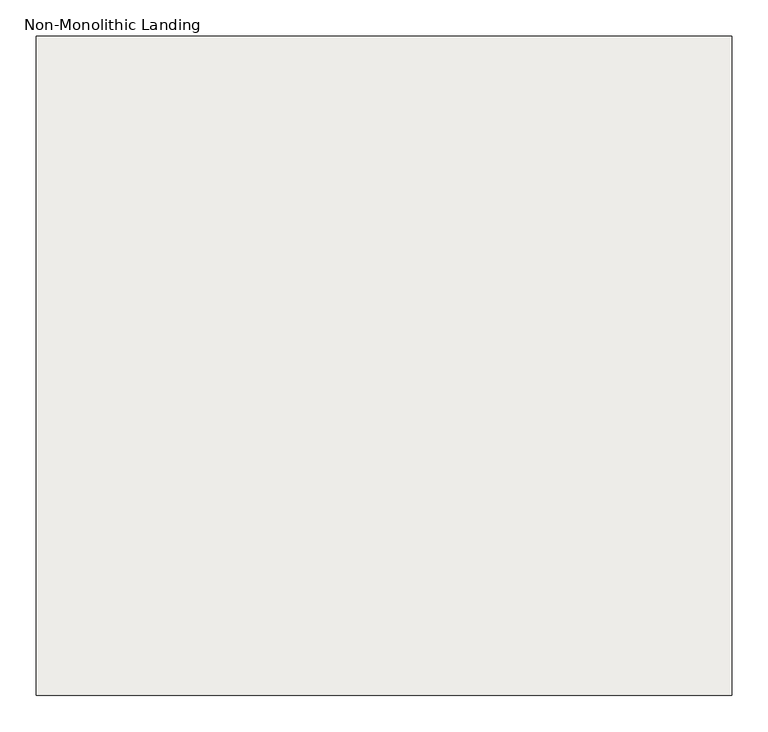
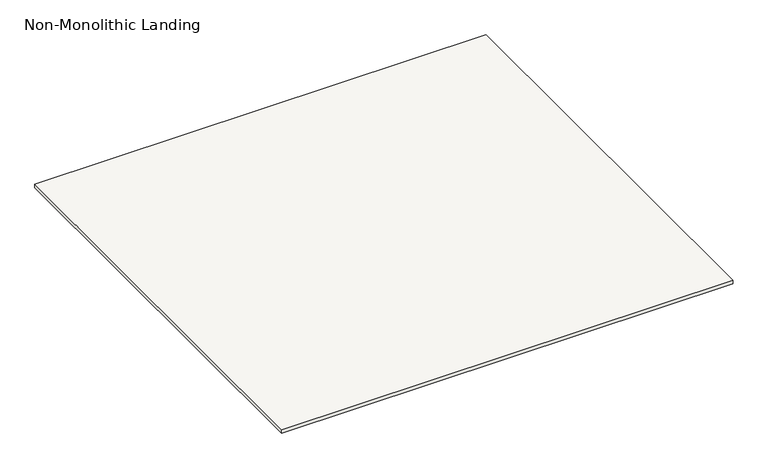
"""IFC4 building model written with IfcOpenShell, lengths in millimetres: slab geometry, Non-Monolithic Landing."""

from ifc_helpers import new_model, si_unit, frame, origin, place, context, project, spatial, polyline, outline, extrude, source, transform, mapped, element, save


def non_monolithic_landing_d1942d96(model_context):
    return source(origin(), model_context, "Body", "SweptSolid", [
        extrude(outline(polyline([(10975.0, 8759.9999985), (11934.6418129, 8759.9999985), (11934.6418129, 7849.9999985), (10975.0, 7849.9999985), (10975.0, 8759.9999985)])), frame((0.0, 0.0, 10742.5), z_axis=(0.0, 0.0, 1.0), x_axis=(1.0, 0.0, 0.0)), (0.0, 0.0, 1.0), 7.5),
    ])


if __name__ == "__main__":
    model = new_model("IFC4")
    model_context = context("Model", 3, world=origin())
    ifc_project = project(units=[si_unit("LENGTHUNIT", "METRE", prefix="MILLI")], contexts=[model_context])
    site = spatial("IfcSite", under=ifc_project)
    building = spatial("IfcBuilding", under=site)
    placement = place(None, origin())
    non_monolithic_landing_shape = non_monolithic_landing_d1942d96(model_context)
    element("IfcSlab", 1, ObjectType="Non-Monolithic Landing", at=placement, inside=building, context=model_context, shape_type="MappedRepresentation", body=[
        mapped(non_monolithic_landing_shape, transform((0.0, 0.0, 0.0), x_axis=(1.0, 0.0, 0.0), y_axis=(0.0, 1.0, 0.0), z_axis=(0.0, 0.0, 1.0))),
    ])
    save(model, "model.ifc")
━━━━━━
▶ _WORK INSTRUCTION_:
Restate the data above word for word. Do not include the images.

▶ _RESPONSE_:
"""IFC4 building model written with IfcOpenShell, lengths in millimetres: slab geometry, Non-Monolithic Landing."""

from ifc_helpers import new_model, si_unit, frame, origin, place, context, project, spatial, polyline, outline, extrude, source, transform, mapped, element, save


def non_monolithic_landing_d1942d96(model_context):
    return source(origin(), model_context, "Body", "SweptSolid", [
        extrude(outline(polyline([(10975.0, 8759.9999985), (11934.6418129, 8759.9999985), (11934.6418129, 7849.9999985), (10975.0, 7849.9999985), (10975.0, 8759.9999985)])), frame((0.0, 0.0, 10742.5), z_axis=(0.0, 0.0, 1.0), x_axis=(1.0, 0.0, 0.0)), (0.0, 0.0, 1.0), 7.5),
    ])


if __name__ == "__main__":
    model = new_model("IFC4")
    model_context = context("Model", 3, world=origin())
    ifc_project = project(units=[si_unit("LENGTHUNIT", "METRE", prefix="MILLI")], contexts=[model_context])
    site = spatial("IfcSite", under=ifc_project)
    building = spatial("IfcBuilding", under=site)
    placement = place(None, origin())
    non_monolithic_landing_shape = non_monolithic_landing_d1942d96(model_context)
    element("IfcSlab", 1, ObjectType="Non-Monolithic Landing", at=placement, inside=building, context=model_context, shape_type="MappedRepresentation", body=[
        mapped(non_monolithic_landing_shape, transform((0.0, 0.0, 0.0), x_axis=(1.0, 0.0, 0.0), y_axis=(0.0, 1.0, 0.0), z_axis=(0.0, 0.0, 1.0))),
    ])
    save(model, "model.ifc")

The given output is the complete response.